Анатолий скорее всего не поверил в его идею автоматизировать комплекс. Но об этом не говорил. Побег его стал протестом.
Днем Викторенко готовился к партийному собранию о готовности комплекса к эксплуатации скважин в зимнее время.
К вечеру почувствовал, что переутомился — разболелась голова. От автобуса отказался, решил подышать свежим воздухом. Как всегда, шел дальним путем. Часто спотыкался о плети корней. И всю дорогу думал о Ларисе. Хоть и не объяснились они, но им и так все ясно. Лариса с увлечением помогает ему чертить.
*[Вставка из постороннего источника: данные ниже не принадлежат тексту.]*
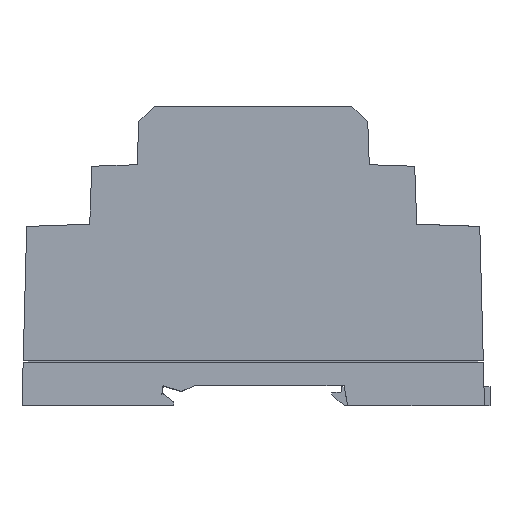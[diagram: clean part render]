
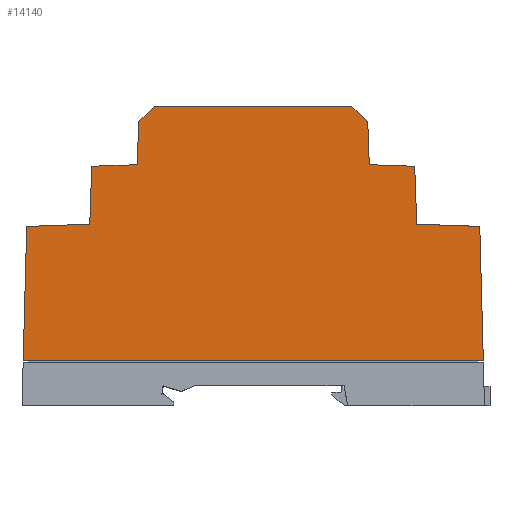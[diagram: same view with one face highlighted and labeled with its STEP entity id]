
A CAD part, left-side view. The second image highlights one B-rep face of the part: STEP entity #14140.
In plain terms, the highlighted planar face has unit normal (-1, 0, 0.009).
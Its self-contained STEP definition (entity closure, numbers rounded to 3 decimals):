
#21 = VERTEX_POINT ( 'NONE', #14286 ) ;
#121 = VECTOR ( 'NONE', #2416, 1000. ) ;
#201 = ORIENTED_EDGE ( 'NONE', *, *, #866, .T. ) ;
#279 = FACE_OUTER_BOUND ( 'NONE', #12604, .T. ) ;
#379 = VERTEX_POINT ( 'NONE', #8389 ) ;
#467 = DIRECTION ( 'NONE',  ( -0.006, 0.719, -0.695 ) ) ;
#507 = VERTEX_POINT ( 'NONE', #9181 ) ;
#579 = VERTEX_POINT ( 'NONE', #14105 ) ;
#625 = CARTESIAN_POINT ( 'NONE',  ( 0.456, 90.18, 34.93 ) ) ;
#844 = VECTOR ( 'NONE', #467, 1000. ) ;
#866 = EDGE_CURVE ( 'NONE', #5092, #579, #7174, .T. ) ;
#944 = CARTESIAN_POINT ( 'NONE',  ( 0.558, 14.656, 46.638 ) ) ;
#1213 = DIRECTION ( 'NONE',  ( -0.009, 0.026, -1. ) ) ;
#1346 = DIRECTION ( 'NONE',  ( 0.009, 0.026, 1. ) ) ;
#1969 = LINE ( 'NONE', #7783, #12698 ) ;
#2100 = VECTOR ( 'NONE', #2338, 1000. ) ;
#2269 = EDGE_CURVE ( 'NONE', #21, #507, #5875, .T. ) ;
#2338 = DIRECTION ( 'NONE',  ( 0., 0.999, -0.035 ) ) ;
#2416 = DIRECTION ( 'NONE',  ( -0.009, 0.035, -0.999 ) ) ;
#2550 = CARTESIAN_POINT ( 'NONE',  ( 0.228, 90.865, 8.75 ) ) ;
#2563 = LINE ( 'NONE', #7241, #2100 ) ;
#2615 = VERTEX_POINT ( 'NONE', #625 ) ;
#2923 = DIRECTION ( 'NONE',  ( 0.009, 0.035, 0.999 ) ) ;
#2929 = CARTESIAN_POINT ( 'NONE',  ( 0.661, 65.271, 58.35 ) ) ;
#2950 = LINE ( 'NONE', #10924, #844 ) ;
#3207 = EDGE_CURVE ( 'NONE', #2615, #5092, #4522, .T. ) ;
#3228 = ORIENTED_EDGE ( 'NONE', *, *, #13852, .T. ) ;
#3460 = CARTESIAN_POINT ( 'NONE',  ( 0.558, 14.625, 46.637 ) ) ;
#3657 = VECTOR ( 'NONE', #10182, 1000. ) ;
#3827 = VERTEX_POINT ( 'NONE', #944 ) ;
#3872 = DIRECTION ( 'NONE',  ( 0., 0.999, -0.035 ) ) ;
#3966 = CARTESIAN_POINT ( 'NONE',  ( 0.561, 23.502, 46.947 ) ) ;
#4124 = CARTESIAN_POINT ( 'NONE',  ( 0.228, 90.865, 8.75 ) ) ;
#4352 = VERTEX_POINT ( 'NONE', #11274 ) ;
#4374 = ORIENTED_EDGE ( 'NONE', *, *, #7371, .T. ) ;
#4398 = CARTESIAN_POINT ( 'NONE',  ( 0.635, 23.795, 55.352 ) ) ;
#4522 = LINE ( 'NONE', #4600, #6161 ) ;
#4600 = CARTESIAN_POINT ( 'NONE',  ( 0.449, 90.203, 34.041 ) ) ;
#4738 = LINE ( 'NONE', #11801, #13035 ) ;
#4743 = EDGE_CURVE ( 'NONE', #7700, #4352, #2950, .T. ) ;
#5014 = VERTEX_POINT ( 'NONE', #12878 ) ;
#5092 = VERTEX_POINT ( 'NONE', #4124 ) ;
#5314 = VECTOR ( 'NONE', #2923, 1000. ) ;
#5330 = CARTESIAN_POINT ( 'NONE',  ( 0.553, 23.471, 46.057 ) ) ;
#5411 = LINE ( 'NONE', #2929, #14706 ) ;
#5542 = VECTOR ( 'NONE', #9018, 1000. ) ;
#5678 = EDGE_CURVE ( 'NONE', #507, #2615, #8395, .T. ) ;
#5875 = LINE ( 'NONE', #7243, #121 ) ;
#5882 = DIRECTION ( 'NONE',  ( 0., -1., 0. ) ) ;
#6103 = CARTESIAN_POINT ( 'NONE',  ( 0.46, 14.262, 35.365 ) ) ;
#6161 = VECTOR ( 'NONE', #1213, 1000. ) ;
#6509 = EDGE_CURVE ( 'NONE', #3827, #14291, #12714, .T. ) ;
#6521 = ORIENTED_EDGE ( 'NONE', *, *, #6509, .T. ) ;
#6690 = LINE ( 'NONE', #5330, #5542 ) ;
#6718 = CARTESIAN_POINT ( 'NONE',  ( 0.661, 65.271, 58.35 ) ) ;
#6889 = VECTOR ( 'NONE', #3872, 1000. ) ;
#7088 = ORIENTED_EDGE ( 'NONE', *, *, #9347, .T. ) ;
#7174 = LINE ( 'NONE', #11895, #9250 ) ;
#7234 = LINE ( 'NONE', #12936, #12246 ) ;
#7241 = CARTESIAN_POINT ( 'NONE',  ( 0.561, 68.7, 46.946 ) ) ;
#7243 = CARTESIAN_POINT ( 'NONE',  ( 0.551, 77.546, 45.749 ) ) ;
#7371 = EDGE_CURVE ( 'NONE', #14694, #21, #2563, .T. ) ;
#7700 = VERTEX_POINT ( 'NONE', #6718 ) ;
#7728 = EDGE_CURVE ( 'NONE', #5014, #13813, #1969, .T. ) ;
#7735 = ORIENTED_EDGE ( 'NONE', *, *, #3207, .T. ) ;
#7783 = CARTESIAN_POINT ( 'NONE',  ( 0.456, 1.96, 34.935 ) ) ;
#8140 = DIRECTION ( 'NONE',  ( 0., 0.999, 0.035 ) ) ;
#8389 = CARTESIAN_POINT ( 'NONE',  ( 0.661, 26.9, 58.35 ) ) ;
#8395 = LINE ( 'NONE', #10712, #6889 ) ;
#8492 = DIRECTION ( 'NONE',  ( -0.009, 0., -1. ) ) ;
#8773 = ORIENTED_EDGE ( 'NONE', *, *, #13272, .T. ) ;
#9018 = DIRECTION ( 'NONE',  ( 0.009, 0.035, 0.999 ) ) ;
#9181 = CARTESIAN_POINT ( 'NONE',  ( 0.46, 77.909, 35.36 ) ) ;
#9250 = VECTOR ( 'NONE', #5882, 1000. ) ;
#9347 = EDGE_CURVE ( 'NONE', #13131, #379, #7234, .T. ) ;
#9433 = AXIS2_PLACEMENT_3D ( 'NONE', #2550, #12930, #8492 ) ;
#10182 = DIRECTION ( 'NONE',  ( -0.009, 0.035, -0.999 ) ) ;
#10519 = ORIENTED_EDGE ( 'NONE', *, *, #4743, .T. ) ;
#10712 = CARTESIAN_POINT ( 'NONE',  ( 0.46, 77.94, 35.359 ) ) ;
#10745 = CARTESIAN_POINT ( 'NONE',  ( 0.561, 68.669, 46.947 ) ) ;
#10749 = ORIENTED_EDGE ( 'NONE', *, *, #7728, .T. ) ;
#10809 = ORIENTED_EDGE ( 'NONE', *, *, #11181, .T. ) ;
#10924 = CARTESIAN_POINT ( 'NONE',  ( 0.657, 65.717, 57.92 ) ) ;
#11181 = EDGE_CURVE ( 'NONE', #14291, #13131, #6690, .T. ) ;
#11274 = CARTESIAN_POINT ( 'NONE',  ( 0.635, 68.376, 55.352 ) ) ;
#11801 = CARTESIAN_POINT ( 'NONE',  ( 0.22, 1.282, 7.863 ) ) ;
#11895 = CARTESIAN_POINT ( 'NONE',  ( 0.228, 90.865, 8.75 ) ) ;
#11958 = VECTOR ( 'NONE', #8140, 1000. ) ;
#12037 = CARTESIAN_POINT ( 'NONE',  ( 0.452, 14.231, 34.476 ) ) ;
#12175 = EDGE_CURVE ( 'NONE', #13813, #3827, #13237, .T. ) ;
#12189 = DIRECTION ( 'NONE',  ( 0., 1., 0. ) ) ;
#12229 = ORIENTED_EDGE ( 'NONE', *, *, #14104, .T. ) ;
#12246 = VECTOR ( 'NONE', #13158, 1000. ) ;
#12515 = CARTESIAN_POINT ( 'NONE',  ( 0.627, 68.407, 54.461 ) ) ;
#12604 = EDGE_LOOP ( 'NONE', ( #3228, #10519, #8773, #4374, #13973, #13468, #7735, #201, #12229, #10749, #13671, #6521, #10809, #7088 ) ) ;
#12668 = LINE ( 'NONE', #12515, #3657 ) ;
#12698 = VECTOR ( 'NONE', #14609, 1000. ) ;
#12714 = LINE ( 'NONE', #3460, #11958 ) ;
#12878 = CARTESIAN_POINT ( 'NONE',  ( 0.456, 1.991, 34.936 ) ) ;
#12930 = DIRECTION ( 'NONE',  ( -1., 0., 0.009 ) ) ;
#12936 = CARTESIAN_POINT ( 'NONE',  ( 0.631, 23.35, 54.922 ) ) ;
#13035 = VECTOR ( 'NONE', #1346, 1000. ) ;
#13131 = VERTEX_POINT ( 'NONE', #4398 ) ;
#13158 = DIRECTION ( 'NONE',  ( 0.006, 0.719, 0.695 ) ) ;
#13237 = LINE ( 'NONE', #12037, #5314 ) ;
#13272 = EDGE_CURVE ( 'NONE', #4352, #14694, #12668, .T. ) ;
#13468 = ORIENTED_EDGE ( 'NONE', *, *, #5678, .T. ) ;
#13671 = ORIENTED_EDGE ( 'NONE', *, *, #12175, .T. ) ;
#13813 = VERTEX_POINT ( 'NONE', #6103 ) ;
#13852 = EDGE_CURVE ( 'NONE', #379, #7700, #5411, .T. ) ;
#13910 = PLANE ( 'NONE',  #9433 ) ;
#13973 = ORIENTED_EDGE ( 'NONE', *, *, #2269, .T. ) ;
#14104 = EDGE_CURVE ( 'NONE', #579, #5014, #4738, .T. ) ;
#14105 = CARTESIAN_POINT ( 'NONE',  ( 0.228, 1.305, 8.75 ) ) ;
#14140 = ADVANCED_FACE ( 'NONE', ( #279 ), #13910, .T. ) ;
#14286 = CARTESIAN_POINT ( 'NONE',  ( 0.558, 77.515, 46.638 ) ) ;
#14291 = VERTEX_POINT ( 'NONE', #3966 ) ;
#14609 = DIRECTION ( 'NONE',  ( 0., 0.999, 0.035 ) ) ;
#14694 = VERTEX_POINT ( 'NONE', #10745 ) ;
#14706 = VECTOR ( 'NONE', #12189, 1000. ) ;

Пообещали прийти на очередное чаепитие — вместе с Железкиной.
Думая о своем, Иван не сразу понял, что кто-то его окликнул.
— Привет, начальник.
На тропинке стоял, глубоко затягиваясь папиросой, Егор Касаткин. Пересовывая папиросу по нижней губе из одной стороны в другую, куражится:
— Скажи, разве не сюрприз? Черная ночь и встреча в лесу? Помнишь, я тебя предупреждал, за Егором Касаткиным не заржавеет? Помнишь?
— Глупости не запоминаю.
— Считай, инженер, как хочешь. Ты умный, а я дурак. Я тебя предупреждал: нам вдвоем здесь не жить. Двум медведям в берлоге всегда тесно. У меня есть и другой счет: почему ты моего товарища обидел?
— Это кого же?
— Серегу Пядышева.
— Чем же я его обидел?
— А ты пошевели мозгами.
Касаткин замахнулся, чтобы ударить, но Викторенко опередил его. Но тут тяжелый удар сзади по голове оглушил Ивана, и он, падая, не успел заметить подбегавших. Попытался встать, но ударами сапог его сбили.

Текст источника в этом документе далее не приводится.